> TASK PROMPT
Please copy out the entries below exactly, beginning with the line that contains "blk.add_blockref('_Oblique', (61898, 24455), dxfattribs=at)" and ending with the line that contains "edge.add_line((61285.8, 24770.6), (61335.8, 24820.6))", and include nothing outside that span.

> PROVIDED INFORMATION
........

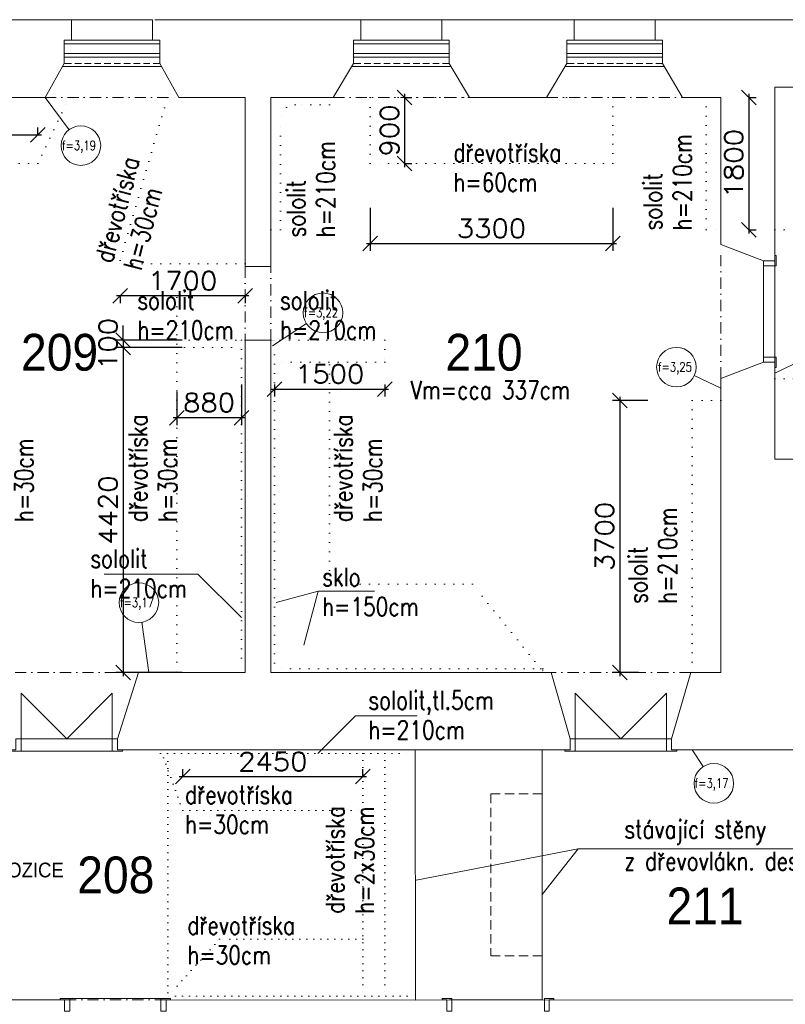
# Model space of a CAD drawing. Header units: millimetres. Extents: x 51292 to 288261, y 1680 to 40825.
# Tile 3 of 10: x 57231 to 67641, y 21360 to 34744. Entities that reach past the tile are written whole.
import ezdxf

# ---------------------------------------------------------------- set-up
doc = ezdxf.new("R2010")
doc.units = ezdxf.units.MM
for name, pattern in [('TEČKOVANÁ', [6.35, 0, -6.35]), ('ČERCHOVANÁ', [25.4, 12.7, -6.35, 0, -6.35]), ('ČÁRKOVANÁ', [19.05, 12.7, -6.35])]:
    doc.linetypes.add(name, pattern=pattern)
for name, color, linetype, lineweight in [('Bourání', 6, 'TEČKOVANÁ', 13), ('Koty', 1, 'Continuous', 13), ('Návrh', 1, 'Continuous', 30), ('Okna', 150, 'Continuous', 13), ('Tenká', 7, 'Continuous', 13), ('Text', 40, 'Continuous', 13), ('výšky fabionů', 84, 'Continuous', 13), ('Čerch', 140, 'ČERCHOVANÁ', 13)]:
    doc.layers.add(name, color=color, linetype=linetype, lineweight=lineweight)
doc.styles.add('ARIAL100', font='arial.ttf', dxfattribs={"width": 0.9})
doc.styles.add('ROMANS100', font='romans.shx', dxfattribs={"width": 0.8})
doc.styles.add('Tom1', font='romans.shx', dxfattribs={"width": 1.1})
doc.dimstyles.new('Tom1-100', dxfattribs={"dimtxt": 250, "dimasz": 200, "dimexe": 100, "dimexo": 600, "dimgap": 80, "dimtad": 1, "dimdec": 0, "dimrnd": 5, "dimzin": 1, "dimtxsty": 'Tom1', "dimblk": 'OBLIQUE', "dimcen": 0.09, "dimdle": 50, "dimadec": 0, "dimazin": 0, "dimtfac": 1, "dimtdec": 0, "dimtix": 1, "dimtmove": 2, "dimatfit": 1, "dimldrblk": 'OBLIQUE', "dimfxl": 0, "dimarcsym": 0})

# ---------------------------------------------------------------- blocks, each defined once
blk = doc.blocks.new('_Oblique')
at = {"color": 0, "linetype": 'ByBlock', "lineweight": -2}
blk.add_line((-0.5, -0.5), (0.5, 0.5), dxfattribs=at)
blk = doc.blocks.new('*D7')
at = {"layer": 'Defpoints', "color": 0, "transparency": 16777216}
for p in [(66374, 29569), (65390, 25869), (66246, 25869)]:
    blk.add_point(p, dxfattribs=at)
at = {"layer": 'Koty', "color": 0, "lineweight": -2, "transparency": 16777216}
for p, q in [((65390, 29619), (65390, 25819)), ((65774, 29569), (65290, 29569)), ((65646, 25869), (65290, 25869))]:
    blk.add_line(p, q, dxfattribs=at)
at = {"layer": 'Koty', "color": 0, "lineweight": -2, "transparency": 16777216, "xscale": 200, "yscale": 200, "zscale": 200}
for p, rotation in [((65390, 29569), 90), ((65390, 25869), 270)]:
    blk.add_blockref('_Oblique', p, dxfattribs=dict(at, rotation=rotation))
at = {"layer": 'Koty', "color": 0, "transparency": 16777216, "insert": (65185, 27719), "char_height": 250, "attachment_point": 5, "rotation": 90, "style": 'Tom1'}
blk.add_mtext('3700', dxfattribs=at)
blk = doc.blocks.new('*D8')
at = {"layer": 'Defpoints', "color": 0, "transparency": 16777216}
for p in [(60695, 30387), (62195, 30387), (62195, 29723)]:
    blk.add_point(p, dxfattribs=at)
at = {"layer": 'Koty', "color": 0, "lineweight": -2, "transparency": 16777216}
for p, q in [((60645, 29723), (62245, 29723)), ((60695, 29787), (60695, 29623)), ((62195, 29787), (62195, 29623))]:
    blk.add_line(p, q, dxfattribs=at)
at = {"layer": 'Koty', "color": 0, "lineweight": -2, "transparency": 16777216, "xscale": 200, "yscale": 200, "zscale": 200, "rotation": 180}
blk.add_blockref('_Oblique', (60695, 29723), dxfattribs=at)
at = {"layer": 'Koty', "color": 0, "lineweight": -2, "transparency": 16777216, "xscale": 200, "yscale": 200, "zscale": 200}
blk.add_blockref('_Oblique', (62195, 29723), dxfattribs=at)
at = {"layer": 'Koty', "color": 0, "transparency": 16777216, "insert": (61445, 29928), "char_height": 250, "attachment_point": 5, "style": 'Tom1'}
blk.add_mtext('1500', dxfattribs=at)
blk = doc.blocks.new('*D9')
at = {"layer": 'Defpoints', "color": 0, "transparency": 16777216}
for p in [(61996, 32788), (65296, 32788), (65296, 31702)]:
    blk.add_point(p, dxfattribs=at)
at = {"layer": 'Koty', "color": 0, "lineweight": -2, "transparency": 16777216}
for p, q in [((61996, 32188), (61996, 31602)), ((65296, 32188), (65296, 31602)), ((61946, 31702), (65346, 31702))]:
    blk.add_line(p, q, dxfattribs=at)
at = {"layer": 'Koty', "color": 0, "lineweight": -2, "transparency": 16777216, "xscale": 200, "yscale": 200, "zscale": 200, "rotation": 180}
blk.add_blockref('_Oblique', (61996, 31702), dxfattribs=at)
at = {"layer": 'Koty', "color": 0, "lineweight": -2, "transparency": 16777216, "xscale": 200, "yscale": 200, "zscale": 200}
blk.add_blockref('_Oblique', (65296, 31702), dxfattribs=at)
at = {"layer": 'Koty', "color": 0, "transparency": 16777216, "insert": (63646, 31907), "char_height": 250, "attachment_point": 5, "style": 'Tom1'}
blk.add_mtext('3300', dxfattribs=at)
blk = doc.blocks.new('*D10')
at = {"layer": 'Defpoints', "color": 0, "transparency": 16777216}
for p in [(61996, 33688), (61996, 32788), (62464, 32788)]:
    blk.add_point(p, dxfattribs=at)
at = {"layer": 'Koty', "color": 0, "lineweight": -2, "transparency": 16777216}
for p, q in [((62464, 33738), (62464, 32738)), ((62464, 33688), (62564, 33688)), ((62464, 32788), (62564, 32788))]:
    blk.add_line(p, q, dxfattribs=at)
at = {"layer": 'Koty', "color": 0, "lineweight": -2, "transparency": 16777216, "xscale": 200, "yscale": 200, "zscale": 200}
for p, rotation in [((62464, 33688), 90), ((62464, 32788), 270)]:
    blk.add_blockref('_Oblique', p, dxfattribs=dict(at, rotation=rotation))
at = {"layer": 'Koty', "color": 0, "transparency": 16777216, "insert": (62259, 33238), "char_height": 250, "attachment_point": 5, "rotation": 90, "style": 'Tom1'}
blk.add_mtext('900', dxfattribs=at)
blk = doc.blocks.new('*D11')
at = {"layer": 'Defpoints', "color": 0, "transparency": 16777216}
for p in [(66565, 33688), (66565, 31888), (67146, 31888)]:
    blk.add_point(p, dxfattribs=at)
at = {"layer": 'Koty', "color": 0, "lineweight": -2, "transparency": 16777216}
for p, q in [((67146, 33738), (67146, 31838)), ((67146, 33688), (67246, 33688)), ((67146, 31888), (67246, 31888))]:
    blk.add_line(p, q, dxfattribs=at)
at = {"layer": 'Koty', "color": 0, "lineweight": -2, "transparency": 16777216, "xscale": 200, "yscale": 200, "zscale": 200}
for p, rotation in [((67146, 33688), 90), ((67146, 31888), 270)]:
    blk.add_blockref('_Oblique', p, dxfattribs=dict(at, rotation=rotation))
at = {"layer": 'Koty', "color": 0, "transparency": 16777216, "insert": (66941, 32788), "char_height": 250, "attachment_point": 5, "rotation": 90, "style": 'Tom1'}
blk.add_mtext('1800', dxfattribs=at)
blk = doc.blocks.new('*D13')
at = {"layer": 'Defpoints', "color": 0, "transparency": 16777216}
for p in [(57477, 33181), (55027, 32788), (57477, 32788)]:
    blk.add_point(p, dxfattribs=at)
at = {"layer": 'Koty', "color": 0, "lineweight": -2, "transparency": 16777216}
for p, q in [((55027, 33181), (55027, 33281)), ((57477, 33181), (57477, 33281)), ((54977, 33181), (57527, 33181))]:
    blk.add_line(p, q, dxfattribs=at)
at = {"layer": 'Koty', "color": 0, "lineweight": -2, "transparency": 16777216, "xscale": 200, "yscale": 200, "zscale": 200, "rotation": 180}
blk.add_blockref('_Oblique', (55027, 33181), dxfattribs=at)
at = {"layer": 'Koty', "color": 0, "lineweight": -2, "transparency": 16777216, "xscale": 200, "yscale": 200, "zscale": 200}
blk.add_blockref('_Oblique', (57477, 33181), dxfattribs=at)
at = {"layer": 'Koty', "color": 0, "transparency": 16777216, "insert": (56252, 33386), "char_height": 250, "attachment_point": 5, "style": 'Tom1'}
blk.add_mtext('2450', dxfattribs=at)
blk = doc.blocks.new('*D14')
at = {"layer": 'Defpoints', "color": 0, "transparency": 16777216}
for p in [(58596, 31473), (60296, 31424), (58596, 30990)]:
    blk.add_point(p, dxfattribs=at)
at = {"layer": 'Koty', "color": 0, "lineweight": -2, "transparency": 16777216}
for p, q in [((60346, 30990), (58546, 30990)), ((58596, 30990), (58596, 30890)), ((60296, 30990), (60296, 30890))]:
    blk.add_line(p, q, dxfattribs=at)
at = {"layer": 'Koty', "color": 0, "lineweight": -2, "transparency": 16777216, "xscale": 200, "yscale": 200, "zscale": 200, "rotation": 180}
blk.add_blockref('_Oblique', (58596, 30990), dxfattribs=at)
at = {"layer": 'Koty', "color": 0, "lineweight": -2, "transparency": 16777216, "xscale": 200, "yscale": 200, "zscale": 200}
blk.add_blockref('_Oblique', (60296, 30990), dxfattribs=at)
at = {"layer": 'Koty', "color": 0, "transparency": 16777216, "insert": (59446, 31195), "char_height": 250, "attachment_point": 5, "style": 'Tom1'}
blk.add_mtext('1700', dxfattribs=at)
blk = doc.blocks.new('*D15')
at = {"layer": 'Defpoints', "color": 0, "transparency": 16777216}
for p in [(60296, 30387), (58638, 30287), (60296, 30287)]:
    blk.add_point(p, dxfattribs=at)
at = {"layer": 'Koty', "color": 0, "lineweight": -2, "transparency": 16777216}
for p, q in [((58638, 30387), (58638, 30587)), ((59438, 30387), (58538, 30387)), ((58638, 30387), (58638, 30287)), ((59438, 30287), (58538, 30287)), ((58638, 30287), (58638, 30087))]:
    blk.add_line(p, q, dxfattribs=at)
at = {"layer": 'Koty', "color": 0, "lineweight": -2, "transparency": 16777216, "xscale": 200, "yscale": 200, "zscale": 200}
for p, rotation in [((58638, 30387), 270), ((58638, 30287), 90)]:
    blk.add_blockref('_Oblique', p, dxfattribs=dict(at, rotation=rotation))
at = {"layer": 'Koty', "color": 0, "transparency": 16777216, "insert": (58433, 30337), "char_height": 250, "attachment_point": 5, "rotation": 90, "style": 'Tom1'}
blk.add_mtext('100', dxfattribs=at)
blk = doc.blocks.new('*D16')
at = {"layer": 'Defpoints', "color": 0, "transparency": 16777216}
for p in [(60296, 30287), (58638, 25869), (60246, 25869)]:
    blk.add_point(p, dxfattribs=at)
at = {"layer": 'Koty', "color": 0, "lineweight": -2, "transparency": 16777216}
for p, q in [((59438, 30287), (58538, 30287)), ((58638, 30337), (58638, 25819)), ((59438, 25869), (58538, 25869))]:
    blk.add_line(p, q, dxfattribs=at)
at = {"layer": 'Koty', "color": 0, "lineweight": -2, "transparency": 16777216, "xscale": 200, "yscale": 200, "zscale": 200}
for p, rotation in [((58638, 30287), 90), ((58638, 25869), 270)]:
    blk.add_blockref('_Oblique', p, dxfattribs=dict(at, rotation=rotation))
at = {"layer": 'Koty', "color": 0, "transparency": 16777216, "insert": (58433, 28078), "char_height": 250, "attachment_point": 5, "rotation": 90, "style": 'Tom1'}
blk.add_mtext('4420', dxfattribs=at)
blk = doc.blocks.new('*D17')
at = {"layer": 'Defpoints', "color": 0, "transparency": 16777216}
for p in [(60246, 30387), (59366, 30287), (59366, 29334)]:
    blk.add_point(p, dxfattribs=at)
at = {"layer": 'Koty', "color": 0, "lineweight": -2, "transparency": 16777216}
for p, q in [((60246, 29787), (60246, 29234)), ((59366, 29687), (59366, 29234)), ((60296, 29334), (59316, 29334))]:
    blk.add_line(p, q, dxfattribs=at)
at = {"layer": 'Koty', "color": 0, "lineweight": -2, "transparency": 16777216, "xscale": 200, "yscale": 200, "zscale": 200, "rotation": 180}
blk.add_blockref('_Oblique', (59366, 29334), dxfattribs=at)
at = {"layer": 'Koty', "color": 0, "lineweight": -2, "transparency": 16777216, "xscale": 200, "yscale": 200, "zscale": 200}
blk.add_blockref('_Oblique', (60246, 29334), dxfattribs=at)
at = {"layer": 'Koty', "color": 0, "transparency": 16777216, "insert": (59806, 29539), "char_height": 250, "attachment_point": 5, "style": 'Tom1'}
blk.add_mtext('880', dxfattribs=at)
blk = doc.blocks.new('*D18')
at = {"layer": 'Defpoints', "color": 0, "transparency": 16777216}
for p in [(61898, 24455), (59448, 23996), (61898, 23996)]:
    blk.add_point(p, dxfattribs=at)
at = {"layer": 'Koty', "color": 0, "lineweight": -2, "transparency": 16777216}
for p, q in [((59448, 24455), (59448, 24555)), ((61898, 24455), (61898, 24555)), ((59398, 24455), (61948, 24455))]:
    blk.add_line(p, q, dxfattribs=at)
at = {"layer": 'Koty', "color": 0, "lineweight": -2, "transparency": 16777216, "xscale": 200, "yscale": 200, "zscale": 200, "rotation": 180}
blk.add_blockref('_Oblique', (59448, 24455), dxfattribs=at)
at = {"layer": 'Koty', "color": 0, "lineweight": -2, "transparency": 16777216, "xscale": 200, "yscale": 200, "zscale": 200}
blk.add_blockref('_Oblique', (61898, 24455), dxfattribs=at)
at = {"layer": 'Koty', "color": 0, "transparency": 16777216, "insert": (60673, 24660), "char_height": 250, "attachment_point": 5, "style": 'Tom1'}
blk.add_mtext('2450', dxfattribs=at)

msp = doc.modelspace()

# ---------------------------------------------------------------- hatches: boundary and pattern name
at = {"layer": 'Bourání'}
h = msp.add_hatch(dxfattribs=at)
h.set_pattern_fill('OMITKA', color=256, scale=100, style=0)
h.set_pattern_definition([(45, (0, 0), (-70.71068, 70.71068), [0, -100])])
edge = h.paths.add_edge_path()
edge.add_line((61335.8, 24820.6), (59246.3, 24820.6))
edge.add_spline(control_points=[(59246.3, 24820.6), (59246.3, 24820.6), (59246.3, 24803.1), (59246.3, 24770.6)], knot_values=[0.585653, 0.585653, 0.585653, 0.585653, 0.6, 0.6, 0.6, 0.6], degree=3, periodic=0)
edge.add_line((59246.3, 24770.6), (61285.8, 24770.6))
edge.add_line((61285.8, 24770.6), (61335.8, 24820.6))
h.paths.add_polyline_path([(62497.7, 24820.6), (61335.8, 24820.6), (61285.8, 24770.6), (62497.7, 24770.6)])

# ---------------------------------------------------------------- linework, layer by layer
at = {"layer": 'Bourání', "ltscale": 20}
for p, q in [((57477.4, 32788.3), (57903.3, 33688.3)), ((58596.1, 31473), (59239.3, 33688.3)), ((61443.3, 33688.3), (61443.3, 33588.3)), ((61995.7, 32788.3), (61995.7, 33688.3)), ((61995.7, 33688.3), (65295.7, 33688.3)), ((65295.7, 33688.3), (65295.7, 32788.3)), ((66565.4, 33688.3), (66565.4, 31888.3)), ((61443.3, 33588.3), (60975.4, 33588.3)), ((60775.4, 31888.3), (60775.4, 33388.3)), ((57477.4, 32788.3), (55027.4, 32788.3)), ((65295.7, 32788.3), (61995.7, 32788.3)), ((60645.4, 31888.3), (60775.4, 31888.3)), ((66565.4, 31888.3), (66765.4, 31888.3)), ((67497, 31887.3), (67797, 31887.3)), ((60296.1, 31423.6), (58596.1, 31423.6)), ((59366.1, 30969), (59366.1, 25869.4)), ((60296.1, 30387.1), (59346.1, 30387.1)), ((59346.1, 30387.1), (59346.1, 30287.1)), ((60246.1, 30387.1), (60246.1, 25869.4)), ((60645.4, 30387.1), (62195.4, 30387.1)), ((60695.4, 25869.4), (60695.4, 30387.1)), ((62195.4, 30387.1), (62195.4, 30087.1)), ((59346.1, 30287.1), (60296.1, 30287.1)), ((62195.4, 30087.1), (60695.4, 30087.1)), ((61445.4, 30053.5), (61445.4, 27070.1)), ((67497, 29860.6), (68997, 29860.6)), ((66374.3, 29569.4), (66374.3, 25869.4)), ((66765.4, 29569.4), (66374.3, 29569.4)), ((63387.4, 27070.1), (61445.4, 27070.1)), ((64317.2, 25919.4), (63387.4, 27070.1)), ((64345.3, 25919.4), (60695.4, 25919.4))]:
    msp.add_line(p, q, dxfattribs=at)
at = {"layer": 'Bourání'}
for p, q in [((60296.1, 30287.1), (60296.1, 30387.1)), ((60695.4, 30387.1), (60645.4, 30387.1)), ((64345.3, 25919.4), (64345.3, 25869.4)), ((61897.7, 21419.1), (61897.7, 21419.1))]:
    msp.add_line(p, q, dxfattribs=at)
at = {"layer": 'Bourání', "ltscale": 15}
for p, q in [((59447.7, 23995.6), (59146.8, 24820.6)), ((59146.8, 24770.6), (62497.7, 24770.6)), ((61897.7, 24770.6), (61897.7, 21469.1)), ((62197.7, 24770.6), (62197.7, 21469.1)), ((59447.7, 23995.6), (61897.7, 23995.6)), ((59947.7, 22244.1), (59246.3, 21469.1)), ((61897.7, 22244.1), (59947.7, 22244.1)), ((62497.7, 21469.1), (59246.3, 21469.1))]:
    msp.add_line(p, q, dxfattribs=at)
at = {"layer": 'Bourání', "ltscale": 20}
msp.add_arc((60975.4, 33388.3), 200, 90, 180, dxfattribs=at)
at = {"layer": 'Bourání', "ltscale": 15}
msp.add_open_spline([(59246.3, 21419.1), (59246.3, 21419.1), (59246.3, 24820.6), (59246.3, 24820.6)], degree=3, dxfattribs=at)
at = {"layer": 'Návrh', "lineweight": 13}
for p, q in [((64824.6, 23475.8), (62622.2, 23046.5)), ((64824.6, 23475.8), (64335.4, 22855)), ((68837.7, 23475.8), (64824.6, 23475.8))]:
    msp.add_line(p, q, dxfattribs=at)
at = {"layer": 'Okna'}
for p, q in [((59036.5, 34744.3), (57935.8, 34744.3)), ((62970.7, 34744.3), (61870, 34744.3)), ((65870.7, 34744.3), (64770, 34744.3)), ((57869.8, 24970.6), (57249.8, 25590.6)), ((57249.8, 25590.6), (57249.8, 24970.6)), ((57869.8, 24970.6), (58489.8, 25590.6)), ((58489.8, 25590.6), (58489.8, 24970.6)), ((65405.4, 24970.6), (64785.4, 25590.6)), ((64785.4, 24970.6), (64785.4, 25590.6)), ((65405.4, 24970.6), (66025.4, 25590.6)), ((66025.4, 24970.6), (66025.4, 25590.6)), ((57249.8, 24970.6), (58489.8, 24970.6)), ((66025.4, 24970.6), (64785.4, 24970.6)), ((58489.8, 24800), (57249.8, 24800)), ((66025.4, 24800), (64785.4, 24800)), ((59152, 21439.6), (57912, 21439.6))]:
    msp.add_line(p, q, dxfattribs=at)
for points in [[(67347, 31398.3), (67497, 31398.3), (67517, 31398.3), (67517, 31538.3), (67497, 31538.3), (67497, 31468.3), (67347, 31468.3), (67347, 31398.3)], [(67347, 30158.3), (67497, 30158.3), (67517, 30158.3), (67517, 30018.3), (67497, 30018.3), (67497, 30088.3), (67347, 30088.3), (67347, 30158.3)], [(57249.8, 24820.6), (57249.8, 24820.6), (57249.8, 24800), (57109.8, 24800), (57109.8, 24820.6), (57180.1, 24820.6), (57180.1, 24970.6), (57249.8, 24970.6), (57249.8, 24800)], [(58489.8, 24970.6), (58489.8, 24820.6), (58489.8, 24800), (58629.8, 24800), (58629.7, 24820.6), (58560.1, 24820.6), (58560.1, 24970.6), (58489.8, 24970.6), (58489.8, 24800)], [(64785.4, 24820.6), (64785.4, 24820.6), (64785.4, 24800), (64645.4, 24800), (64645.4, 24820.6), (64715.6, 24820.6), (64715.6, 24970.6), (64785.4, 24970.6), (64785.4, 24800)], [(66025.4, 24970.6), (66025.4, 24820.6), (66025.4, 24800), (66165.4, 24800), (66165.3, 24820.6), (66095.6, 24820.6), (66095.6, 24970.6), (66025.4, 24970.6), (66025.4, 24800)], [(57912, 21419.1), (57912, 21419.1), (57912, 21439.6), (57781.9, 21439.6), (57781.9, 21419.1), (57842.3, 21419.1), (57842.3, 21269.1), (57912, 21269.1), (57912, 21439.6)], [(59152, 21269.1), (59152, 21419.1), (59152, 21439.6), (59281.9, 21439.6), (59281.9, 21419.1), (59222.3, 21419.1), (59222.3, 21269.1), (59152, 21269.1), (59152, 21439.6)], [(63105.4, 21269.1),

........

> SOLUTION
blk.add_blockref('_Oblique', (61898, 24455), dxfattribs=at)
at = {"layer": 'Koty', "color": 0, "transparency": 16777216, "insert": (60673, 24660), "char_height": 250, "attachment_point": 5, "style": 'Tom1'}
blk.add_mtext('2450', dxfattribs=at)

msp = doc.modelspace()

# ---------------------------------------------------------------- hatches: boundary and pattern name
at = {"layer": 'Bourání'}
h = msp.add_hatch(dxfattribs=at)
h.set_pattern_fill('OMITKA', color=256, scale=100, style=0)
h.set_pattern_definition([(45, (0, 0), (-70.71068, 70.71068), [0, -100])])
edge = h.paths.add_edge_path()
edge.add_line((61335.8, 24820.6), (59246.3, 24820.6))
edge.add_spline(control_points=[(59246.3, 24820.6), (59246.3, 24820.6), (59246.3, 24803.1), (59246.3, 24770.6)], knot_values=[0.585653, 0.585653, 0.585653, 0.585653, 0.6, 0.6, 0.6, 0.6], degree=3, periodic=0)
edge.add_line((59246.3, 24770.6), (61285.8, 24770.6))
edge.add_line((61285.8, 24770.6), (61335.8, 24820.6))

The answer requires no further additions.